We obtain the linear model with nonlinear basis functions by replacing the coordinate vector \(x\) with the feature vector \(\boldsymbol{\phi}(x)\)

\[ y(x,\mathbf{w}) = \sum_{j=0}^M w_j \phi_j(x) = \mathbf{w}^T \boldsymbol{\phi} (x). \]

The solution procedure remains the same, and we can solve for \(\bar{\mathbf{w}}\) directly

\[ \bar{\mathbf{w}} = \left(\boldsymbol{\Phi}^T \boldsymbol{\Phi} \right)^{-1} \boldsymbol{\Phi}^T \mathbf{t}. \]

Let’s take a look at the linear model with polynomial regressors.

That is looking much better already. However, the quality of the fit varies significantly with the degree of the polynomial basis. There seems to be an ideal model complexity for this specific problem. Try out the interactive tool below to get an idea of the interplay of the following variables:

\(p\), the degree of the polynomial basis
\(N\), the size of the training data set
\(freq\), the frequency of the underlying truth
\(\varepsilon\), the level of noise associated with the data
The seed can be updated to generate new random data sets
The truth can be hidden to simulate a situation that is closer to a practical setting

A few questions that might have crossed your minds when playing with the tool:

With a small amount of data (\(N \leq 11\)), what happens if we have as many data points as parameters? \((p + 1 = N)\)
With a small amount of data (\(N \leq 11\)), what happens if we have more model parameters than data? \((p + 1 > N)\)
We only have access to data in the interval \([0,2\pi]\). How well does our model extrapolate beyond the data range?

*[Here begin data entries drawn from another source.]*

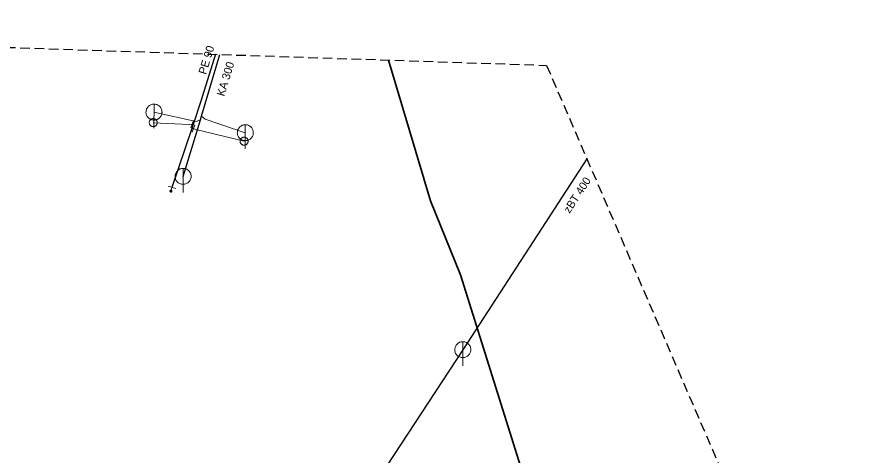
# Model space of a CAD drawing. Extents: x -774415 to -774100, y -975744 to -975502.
# Drawn here: x -774263.4 to -774156.5, y -975556.8 to -975501.9 of the extents above; entities that cross this region are included whole.
import ezdxf

# ---------------------------------------------------------------- set-up
doc = ezdxf.new("R2010")
doc.units = 0
doc.header["$LTSCALE"] = 0.4
doc.linetypes.add('MEDIUM_DASHED', pattern=[4.5, 3, -1.5])
for name, color, linetype, lineweight in [('1', 7, 'MEDIUM_DASHED', 25), ('11', 7, 'Continuous', 13), ('13', 7, 'Continuous', 13), ('14', 7, 'Continuous', 13), ('17', 7, 'Continuous', 25), ('22', 7, 'Continuous', 13), ('23', 7, 'Continuous', 13), ('34', 7, 'Continuous', 13), ('9', 7, 'Continuous', 13)]:
    doc.layers.add(name, color=color, linetype=linetype, lineweight=lineweight)

msp = doc.modelspace()

# ---------------------------------------------------------------- linework, layer by layer
at = {"layer": '1'}
msp.add_lwpolyline([(-774414.714, -975561.823), (-774378.138, -975501.935), (-774197.267, -975507.964), (-774100.401, -975732.645), (-774205.708, -975744.301), (-774260.773, -975651.856)], close=True, dxfattribs=at)
at = {"layer": '11'}
for points in [[(-774246.287, -975513.81), (-774241.01, -975514.989), (-774240.472, -975514.757)], [(-774234.883, -975516.38), (-774239.89, -975514.69), (-774240.359, -975514.334)]]:
    msp.add_lwpolyline(points, dxfattribs=at)
at = {"layer": '13'}
for points in [[(-774241.51, -975515.32), (-774241.88, -975515.347), (-774246.405, -975515.142)], [(-774241.359, -975515.859), (-774241.046, -975515.992), (-774235.01, -975517.43)]]:
    msp.add_lwpolyline(points, dxfattribs=at)
at = {"layer": '14'}
for p, q in [((-774241.379, -975515.37), (-774241.51, -975515.32)), ((-774241.559, -975515.87), (-774241.359, -975515.859)), ((-774244.05, -975523.21), (-774244.17, -975523.68))]:
    msp.add_line(p, q, dxfattribs=at)
at = {"layer": '14', "lineweight": 25}
for p, q in [((-774192.233, -975519.639), (-774207.729, -975543.497)), ((-774207.729, -975543.497), (-774234.913, -975584.951))]:
    msp.add_line(p, q, dxfattribs=at)
msp.add_lwpolyline([(-774242.653, -975521.836), (-774240.472, -975514.757), (-774240.359, -975514.334), (-774238.077, -975506.603)], dxfattribs=at)
at = {"layer": '17'}
msp.add_lwpolyline([(-774238.62, -975506.585), (-774240.449, -975512.43), (-774241.379, -975515.37), (-774241.559, -975515.87), (-774244.05, -975523.21)], dxfattribs=at)
at = {"layer": '17', "lineweight": 35}
msp.add_lwpolyline([(-774217.009, -975507.306), (-774211.739, -975524.879), (-774208.02, -975534.129), (-774200.302, -975558.73), (-774159.333, -975659.052), (-774159.853, -975667.971), (-774158.147, -975697.895), (-774164.627, -975739.754)], dxfattribs=at)
at = {"layer": '22'}
for p, q in [((-774246.287, -975515.81), (-774246.286, -975512.81)), ((-774234.883, -975518.38), (-774234.882, -975515.38)), ((-774242.653, -975523.836), (-774242.652, -975520.836)), ((-774207.729, -975545.497), (-774207.728, -975542.497))]:
    msp.add_line(p, q, dxfattribs=at)
for points in [[(-774245.287, -975513.81), (-774245.292, -975513.701), (-774245.31, -975513.593), (-774245.34, -975513.487), (-774245.38, -975513.386), (-774245.432, -975513.289), (-774245.494, -975513.199), (-774245.566, -975513.116), (-774245.646, -975513.042), (-774245.734, -975512.976), (-774245.828, -975512.921), (-774245.928, -975512.876), (-774246.033, -975512.843), (-774246.14, -975512.821), (-774246.249, -975512.811), (-774246.359, -975512.813), (-774246.467, -975512.827), (-774246.574, -975512.852), (-774246.677, -975512.889), (-774246.775, -975512.938), (-774246.867, -975512.996), (-774246.953, -975513.065), (-774247.03, -975513.142), (-774247.099, -975513.228), (-774247.158, -975513.32), (-774247.206, -975513.418), (-774247.243, -975513.521), (-774247.269, -975513.628), (-774247.283, -975513.736), (-774247.286, -975513.846), (-774247.276, -975513.955), (-774247.255, -975514.062), (-774247.221, -975514.166), (-774247.177, -975514.266), (-774247.122, -975514.361), (-774247.056, -975514.449), (-774246.982, -975514.529), (-774246.899, -975514.601), (-774246.809, -975514.663), (-774246.713, -975514.715), (-774246.611, -975514.756), (-774246.506, -975514.786), (-774246.398, -975514.804), (-774246.288, -975514.81), (-774246.179, -975514.804), (-774246.071, -975514.786), (-774245.966, -975514.757), (-774245.864, -975514.716), (-774245.767, -975514.664), (-774245.677, -975514.602), (-774245.594, -975514.531), (-774245.519, -975514.451), (-774245.454, -975514.363), (-774245.398, -975514.269), (-774245.354, -975514.169), (-774245.32, -975514.065), (-774245.298, -975513.957), (-774245.288, -975513.848)], [(-774233.883, -975516.38), (-774233.888, -975516.271), (-774233.906, -975516.163), (-774233.936, -975516.057), (-774233.976, -975515.956), (-774234.028, -975515.859), (-774234.09, -975515.769), (-774234.162, -975515.686), (-774234.242, -975515.612), (-774234.33, -975515.546), (-774234.424, -975515.491), (-774234.524, -975515.446), (-774234.629, -975515.413), (-774234.736, -975515.391), (-774234.845, -975515.381), (-774234.955, -975515.383), (-774235.063, -975515.397), (-774235.17, -975515.422), (-774235.273, -975515.459), (-774235.371, -975515.508), (-774235.463, -975515.566), (-774235.549, -975515.635), (-774235.626, -975515.712), (-774235.695, -975515.798), (-774235.754, -975515.89), (-774235.802, -975515.988), (-774235.839, -975516.091), (-774235.865, -975516.198), (-774235.879, -975516.306), (-774235.882, -975516.416), (-774235.872, -975516.525), (-774235.851, -975516.632), (-774235.817, -975516.736), (-774235.773, -975516.836), (-774235.718, -975516.931), (-774235.652, -975517.019), (-774235.578, -975517.099), (-774235.495, -975517.171), (-774235.405, -975517.233), (-774235.309, -975517.285), (-774235.207, -975517.326), (-774235.102, -975517.356), (-774234.994, -975517.374), (-774234.884, -975517.38), (-774234.775, -975517.374), (-774234.667, -975517.356), (-774234.562, -975517.327), (-774234.46, -975517.286), (-774234.363, -975517.234), (-774234.273, -975517.172), (-774234.19, -975517.101), (-774234.115, -975517.021), (-774234.05, -975516.933), (-774233.994, -975516.839), (-774233.95, -975516.739), (-774233.916, -975516.635), (-774233.894, -975516.527), (-774233.884, -975516.418)], [(-774241.653, -975521.836), (-774241.658, -975521.727), (-774241.676, -975521.619), (-774241.706, -975521.513), (-774241.746, -975521.412), (-774241.798, -975521.315), (-774241.86, -975521.225), (-774241.932, -975521.142), (-774242.012, -975521.068), (-774242.1, -975521.002), (-774242.194, -975520.947), (-774242.294, -975520.902), (-774242.399, -975520.869), (-774242.506, -975520.847), (-774242.615, -975520.837), (-774242.725, -975520.839), (-774242.833, -975520.853), (-774242.94, -975520.878), (-774243.043, -975520.915), (-774243.141, -975520.964), (-774243.233, -975521.022), (-774243.319, -975521.091), (-774243.396, -975521.168), (-774243.465, -975521.254), (-774243.524, -975521.346), (-774243.572, -975521.444), (-774243.609, -975521.547), (-774243.635, -975521.654), (-774243.649, -975521.762), (-774243.652, -975521.872), (-774243.642, -975521.981), (-774243.621, -975522.088), (-774243.587, -975522.192), (-774243.543, -975522.292), (-774243.488, -975522.387), (-774243.422, -975522.475), (-774243.348, -975522.555), (-774243.265, -975522.627), (-774243.175, -975522.689), (-774243.079, -975522.741), (-774242.977, -975522.782), (-774242.872, -975522.812), (-774242.764, -975522.83), (-774242.654, -975522.836), (-774242.545, -975522.83), (-774242.437, -975522.812), (-774242.332, -975522.783), (-774242.23, -975522.742), (-774242.133, -975522.69), (-774242.043, -975522.628), (-774241.96, -975522.557), (-774241.885, -975522.477), (-774241.82, -975522.389), (-774241.764, -975522.295), (-774241.72, -975522.195), (-774241.686, -975522.091), (-774241.664, -975521.983), (-774241.654, -975521.874)], [(-774206.729, -975543.497), (-774206.734, -975543.388), (-774206.752, -975543.28), (-774206.782, -975543.174), (-774206.822, -975543.073), (-774206.874, -975542.976), (-774206.936, -975542.886), (-774207.008, -975542.803), (-774207.088, -975542.729), (-774207.176, -975542.663), (-774207.27, -975542.608), (-774207.37, -975542.563), (-774207.475, -975542.53), (-774207.582, -975542.508), (-774207.691, -975542.498), (-774207.801, -975542.5), (-774207.909, -975542.514), (-774208.016, -975542.539), (-774208.119, -975542.576), (-774208.217, -975542.625), (-774208.309, -975542.683), (-774208.395, -975542.752), (-774208.472, -975542.829), (-774208.541, -975542.915), (-774208.6, -975543.007), (-774208.648, -975543.105), (-774208.685, -975543.208), (-774208.711, -975543.315), (-774208.725, -975543.423), (-774208.728, -975543.533), (-774208.718, -975543.642), (-774208.697, -975543.749), (-774208.663, -975543.853), (-774208.619, -975543.953), (-774208.564, -975544.048), (-774208.498, -975544.136), (-774208.424, -975544.216), (-774208.341, -975544.288), (-774208.251, -975544.35), (-774208.155, -975544.402), (-774208.053, -975544.443), (-774207.948, -975544.473), (-774207.84, -975544.491), (-774207.73, -975544.497), (-774207.621, -975544.491), (-774207.513, -975544.473), (-774207.408, -975544.444), (-774207.306, -975544.403), (-774207.209, -975544.351), (-774207.119, -975544.289), (-774207.036, -975544.218), (-774206.961, -975544.138), (-774206.896, -975544.05), (-774206.84, -975543.956), (-774206.796, -975543.856), (-774206.762, -975543.752), (-774206.74, -975543.644), (-774206.73, -975543.535)]]:
    msp.add_lwpolyline(points, close=True, dxfattribs=at)
at = {"layer": '23'}
for points in [[(-774246.073, -975514.726), (-774246.115, -975514.696), (-774246.162, -975514.67), (-774246.209, -975514.649), (-774246.26, -975514.635), (-774246.311, -975514.626), (-774246.363, -975514.62), (-774246.415, -975514.622), (-774246.467, -975514.628), (-774246.519, -975514.639), (-774246.568, -975514.657), (-774246.616, -975514.679), (-774246.66, -975514.705), (-774246.702, -975514.738), (-774246.74, -975514.772), (-774246.774, -975514.812), (-774246.805, -975514.856), (-774246.83, -975514.902), (-774246.85, -975514.95), (-774246.865, -975515), (-774246.875, -975515.051), (-774246.88, -975515.102), (-774246.88, -975515.156), (-774246.873, -975515.208), (-774246.86, -975515.258), (-774246.843, -975515.307), (-774246.822, -975515.354), (-774246.794, -975515.4), (-774246.762, -975515.441), (-774246.727, -975515.479), (-774246.688, -975515.514), (-774246.645, -975515.544), (-774246.599, -975515.57), (-774246.55, -975515.59), (-774246.501, -975515.605), (-774246.45, -975515.614), (-774246.398, -975515.62), (-774246.344, -975515.618), (-774246.294, -975515.612), (-774246.241, -975515.6)], [(-774246.88, -975515.102), (-774246.88, -975515.156), (-774246.873, -975515.208), (-774246.86, -975515.258), (-774246.843, -975515.307), (-774246.822, -975515.354), (-774246.794, -975515.4), (-774246.762, -975515.441), (-774246.727, -975515.479), (-774246.688, -975515.514), (-774246.645, -975515.544), (-774246.599, -975515.57), (-774246.55, -975515.59), (-774246.501, -975515.605), (-774246.45, -975515.614), (-774246.398, -975515.62), (-774246.344, -975515.618), (-774246.294, -975515.612), (-774246.241, -975515.6), (-774246.193, -975515.584), (-774246.145, -975515.562), (-774246.1, -975515.533), (-774246.058, -975515.502), (-774246.02, -975515.466), (-774245.985, -975515.427), (-774245.956, -975515.385), (-774245.931, -975515.338), (-774245.911, -975515.29), (-774245.895, -975515.24), (-774245.886, -975515.189), (-774245.881, -975515.137), (-774245.881, -975515.085), (-774245.888, -975515.032), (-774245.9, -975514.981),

Other choices of basis functions#

As mentioned previously, the polynomial basis is just one choice among many to define our model. Depending on the problem setting, a different set of basis functions might lead to better results. Another popular choice is the radial basis functions (also called Gaussian basis functions), given by

\[ \phi_j(x) = \exp\left\{-\frac{(x-\mu_j)^2}{2\ell^2}\right\} \quad \mathrm{for} \quad j=1,\dots,M \]

where \(\phi_j\) is centered around \(\mu_j\), \(l\) determines the width, and \(M\) refers to the number of basis functions. Let’s implement a RadialBasisFunctions function:

One of the attributes of this model is the locality of its individual functions. This means data in one part of the domain will not impact predictions in other parts of the domain. Periodicity can be achieved with a Fourier basis. Wavelets are popular in signal processing since they are localized in both frequency and space. It is up to the user to determine which basis function properties are desired for a given problem, and this is an important part of model selection. Try to implement some of these basis functions yourself and assess how well they compare with the pre-implemented ones.

Let’s see how well the linear model with radial basis functions performs on the sine wave problem. Keep in mind that the lengthscale parameter corresponds to the lengthscale in the standardized space.

The figure above shows four different combinations of the hyperparameters (number of basis functions and length scale). The quality of the fit depends strongly on the parameter setting, but a visual inspection indicates our model can replicate the general trend.

Think about the following questions:

Do you notice any major differences in the plots?
Do you think normalization improves model fitting in this particular case? Compare with the polynomial basis.
If so, why does this happen?

Final remarks#

This page introduced generalized linear models with arbitrarily high flexibility. We have seen that increased flexibility is not always good if we perform a simple least-squares analysis. We know from the previous page that we can introduce a validation set to prevent our model from overfitting; however, removing features is not always trivial. The following page will introduce you to ridge regression, an elegant method for controlling the model complexity.